Assignment: Pull every "dimtfac" line out of the data below.

Excerpted data:
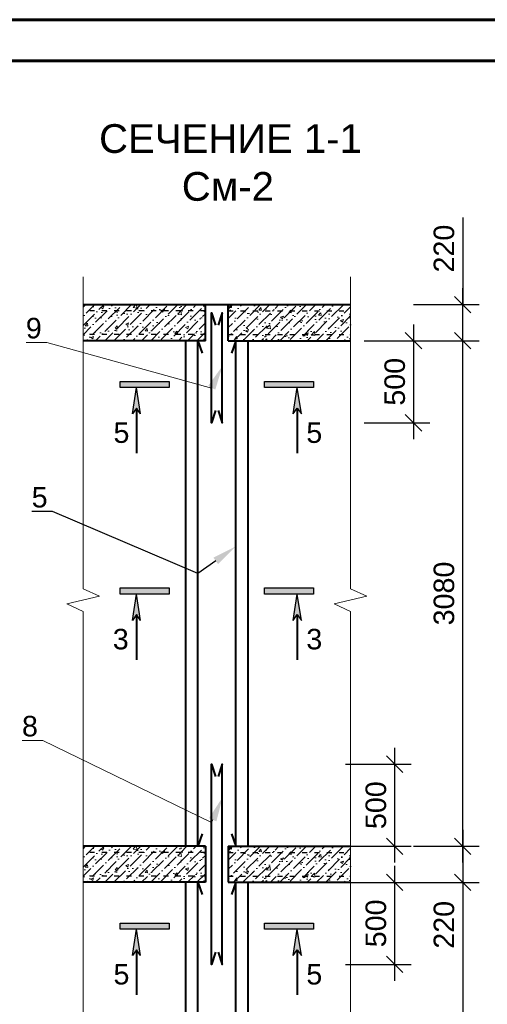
# Model space of a CAD drawing. Header units: millimetres. Extents: x 2063114 to 14983986, y -126020516 to 213791.
# Tile 407 of 656: x 2346323 to 2352024, y -919000 to -907001. Entities that reach past the tile are written whole.
import ezdxf
from ezdxf import colors
from ezdxf.entities.mleader import LeaderData, LeaderLine
from ezdxf.math import Vec2, Vec3

# ---------------------------------------------------------------- set-up
doc = ezdxf.new("R2010")
doc.units = ezdxf.units.MM
doc.linetypes.add('ACAD_ISO03W100', pattern=[30, 12, -18])
doc.layers.get('Defpoints').update_dxf_attribs({"color": 6, "lineweight": 35})
for name, color, linetype, lineweight in [('.', 7, 'Continuous', 15), ('PLAN', 250, 'Continuous', 25), ('РАЗМЕР АР', 150, 'Continuous', 20), ('Сплошная толстая', 7, 'Continuous', 40)]:
    doc.layers.add(name, color=color, linetype=linetype, lineweight=lineweight)
doc.layers.add('_print', color=6, linetype='Continuous', lineweight=60, plot=False)
doc.layers.add('PDF _leader', color=7, linetype='Continuous')
doc.layers.add('Размеры', color=28, linetype='Continuous')
doc.styles.get("Standard").update_dxf_attribs({"font": 'arial.ttf'})
doc.dimstyles.get("Standard").update_dxf_attribs({"dimscale": 100, "dimtxt": 0.18, "dimasz": 0.18, "dimexe": 0.18, "dimexo": 0.0625, "dimgap": 0.09, "dimtad": 0, "dimtih": 1, "dimtoh": 1, "dimdec": 4, "dimzin": 0, "dimdsep": 46, "dimtxsty": 'Standard', "dimcen": 0.09, "dimadec": 0, "dimazin": 0, "dimtfac": 1, "dimtdec": 4, "dimtofl": 0, "dimtmove": 0, "dimatfit": 3, "dimfxl": 1, "dimtolj": 1, "dimtzin": 0, "dimarcsym": 0})
doc.dimstyles.new('STANDARD$0', dxfattribs={"dimtxt": 250, "dimasz": 200, "dimexe": 200, "dimexo": 300, "dimgap": 100, "dimtad": 1, "dimdec": 0, "dimzin": 1, "dimdsep": 46, "dimtxsty": 'Standard', "dimblk1": 'OBLIQUE', "dimblk2": 'OBLIQUE', "dimsah": 1, "dimcen": 2.5, "dimdle": 200, "dimadec": 0, "dimazin": 0, "dimtfac": 1, "dimtdec": 0, "dimtmove": 0, "dimatfit": 3, "dimldrblk": 'OBLIQUE', "dimfxl": 600, "dimfxlon": 1, "dimtolj": 1, "dimtzin": 1, "dimarcsym": 0})
pattern_1 = [(50, (2315928.84, -1264399.18), (364.36934, -31.87817), [38.1, -419.1]), (355, (2315928.84, -1264399.18), (-70.48684, 382.1137), [30.48, -335.28117]), (100.45144, (2315959.2, -1264401.83), (293.8825, 350.2355), [32.38, -356.1805]), (46.1842, (2315928.84, -1264297.58), (542.1581, -84.08466), [57.15, -628.65]), (96.63556, (2315974, -1264304.6), (474.8083, 494.85225), [48.57005, -534.2712]), (351.18415, (2315928.84, -1264297.6), (474.8083, 494.85225), [45.7199, -502.9195]), (21, (2315979.64, -1264322.98), (303.22878, -204.5304), [38.1, -419.1]), (326, (2315979.64, -1264322.98), (123.60406, 368.37593), [30.48, -335.28]), (71.45144, (2316004.9, -1264340.02), (426.83284, 163.84554), [32.38, -356.17988]), (37.5, (2315928.84, -1264399.18), (6.177207, 169.11008), [0, -331.216, 0, -340.36, 0, -336.55]), (7.5, (2315928.84, -1264399.18), (133.639325, 200.36115), [0, -194.056, 0, -323.596, 0, -128.27]), (327.5, (2315815.56, -1264399.18), (271.18119, -11.45749), [0, -127, 0, -396.24, 0, -525.78]), (317.5, (2315764.76, -1264399.18), (296.25836, 50.85298), [0, -165.1, 0, -263.144, 0, -373.38])]
pattern_2 = [(45, (2315928.84, -1264399.18), (42.09495, 154.348152), [198.4375, -39.6875, 0, -39.6875])]
pattern_3 = [(50, (2315928.84, -1270999.18), (364.36934, -31.87817), [38.1, -419.1]), (355, (2315928.84, -1270999.18), (-70.48684, 382.1137), [30.48, -335.28117]), (100.45144, (2315959.2, -1271001.83), (293.8825, 350.2355), [32.38, -356.1805]), (46.1842, (2315928.84, -1270897.58), (542.1581, -84.08466), [57.15, -628.65]), (96.63556, (2315974, -1270904.6), (474.8083, 494.85225), [48.57005, -534.2712]), (351.18415, (2315928.84, -1270897.6), (474.8083, 494.85225), [45.7199, -502.9195]), (21, (2315979.64, -1270922.98), (303.22878, -204.5304), [38.1, -419.1]), (326, (2315979.64, -1270922.98), (123.60406, 368.37593), [30.48, -335.28]), (71.45144, (2316004.9, -1270940.02), (426.83284, 163.84554), [32.38, -356.17988]), (37.5, (2315928.84, -1270999.18), (6.177207, 169.11008), [0, -331.216, 0, -340.36, 0, -336.55]), (7.5, (2315928.84, -1270999.18), (133.639325, 200.36115), [0, -194.056, 0, -323.596, 0, -128.27]), (327.5, (2315815.56, -1270999.18), (271.18119, -11.45749), [0, -127, 0, -396.24, 0, -525.78]), (317.5, (2315764.76, -1270999.18), (296.25836, 50.85298), [0, -165.1, 0, -263.144, 0, -373.38])]
pattern_4 = [(45, (2315928.84, -1270999.18), (42.09495, 154.348152), [198.4375, -39.6875, 0, -39.6875])]

# ---------------------------------------------------------------- blocks, each defined once
blk = doc.blocks.new('*U1590')
at = {"color": 0, "ltscale": 25}
blk.add_lwpolyline([(-59400, 42000), (0, 42000), (0, 0), (-59400, 0)], close=True, dxfattribs=at)
at = {"color": 0, "lineweight": 60, "ltscale": 25}
blk.add_lwpolyline([(-57400, 41500), (-500, 41500), (-500, 500), (-57400, 500)], close=True, dxfattribs=at)
blk = doc.blocks.new('_Oblique')
at = {"color": 0, "linetype": 'ByBlock', "lineweight": -2}
blk.add_line((-0.5, -0.5), (0.5, 0.5), dxfattribs=at)
blk = doc.blocks.new('*D2767')
at = {"layer": 'Defpoints', "color": 0, "lineweight": 30, "transparency": 16777216}
for p in [(2348876, -916074), (2348866, -917074), (2350894, -917074)]:
    blk.add_point(p, dxfattribs=at)
at = {"layer": 'РАЗМЕР АР', "color": 0, "lineweight": -2, "transparency": 16777216}
for p, q in [((2350894, -915874), (2350894, -917274)), ((2350294, -916074), (2351094, -916074)), ((2350294, -917074), (2351094, -917074))]:
    blk.add_line(p, q, dxfattribs=at)
at = {"layer": 'РАЗМЕР АР', "color": 0, "lineweight": -2, "transparency": 16777216, "xscale": 200, "yscale": 200, "zscale": 200}
for p, rotation in [((2350894, -916074), 90), ((2350894, -917074), 270)]:
    blk.add_blockref('_Oblique', p, dxfattribs=dict(at, rotation=rotation))
at = {"layer": 'РАЗМЕР АР', "color": 0, "transparency": 16777216, "insert": (2350666, -916574), "char_height": 250, "attachment_point": 5, "rotation": 90}
blk.add_mtext('\\A1;500', dxfattribs=at)
blk = doc.blocks.new('*D2768')
at = {"layer": 'Defpoints', "color": 0, "lineweight": 30, "transparency": 16777216}
for p in [(2348866, -917514), (2348876, -918514), (2350894, -918514)]:
    blk.add_point(p, dxfattribs=at)
at = {"layer": 'РАЗМЕР АР', "color": 0, "lineweight": -2, "transparency": 16777216}
for p, q in [((2350894, -917314), (2350894, -918714)), ((2350294, -917514), (2351094, -917514)), ((2350294, -918514), (2351094, -918514))]:
    blk.add_line(p, q, dxfattribs=at)
at = {"layer": 'РАЗМЕР АР', "color": 0, "lineweight": -2, "transparency": 16777216, "xscale": 200, "yscale": 200, "zscale": 200}
for p, rotation in [((2350894, -917514), 90), ((2350894, -918514), 270)]:
    blk.add_blockref('_Oblique', p, dxfattribs=dict(at, rotation=rotation))
at = {"layer": 'РАЗМЕР АР', "color": 0, "transparency": 16777216, "insert": (2350666, -918014), "char_height": 250, "attachment_point": 5, "rotation": 90}
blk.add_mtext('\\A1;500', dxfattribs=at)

Exercise output:
doc.dimstyles.get("Standard").update_dxf_attribs({"dimscale": 100, "dimtxt": 0.18, "dimasz": 0.18, "dimexe": 0.18, "dimexo": 0.0625, "dimgap": 0.09, "dimtad": 0, "dimtih": 1, "dimtoh": 1, "dimdec": 4, "dimzin": 0, "dimdsep": 46, "dimtxsty": 'Standard', "dimcen": 0.09, "dimadec": 0, "dimazin": 0, "dimtfac": 1, "dimtdec": 4, "dimtofl": 0, "dimtmove": 0, "dimatfit": 3, "dimfxl": 1, "dimtolj": 1, "dimtzin": 0, "dimarcsym": 0})
doc.dimstyles.new('STANDARD$0', dxfattribs={"dimtxt": 250, "dimasz": 200, "dimexe": 200, "dimexo": 300, "dimgap": 100, "dimtad": 1, "dimdec": 0, "dimzin": 1, "dimdsep": 46, "dimtxsty": 'Standard', "dimblk1": 'OBLIQUE', "dimblk2": 'OBLIQUE', "dimsah": 1, "dimcen": 2.5, "dimdle": 200, "dimadec": 0, "dimazin": 0, "dimtfac": 1, "dimtdec": 0, "dimtmove": 0, "dimatfit": 3, "dimldrblk": 'OBLIQUE', "dimfxl": 600, "dimfxlon": 1, "dimtolj": 1, "dimtzin": 1, "dimarcsym": 0})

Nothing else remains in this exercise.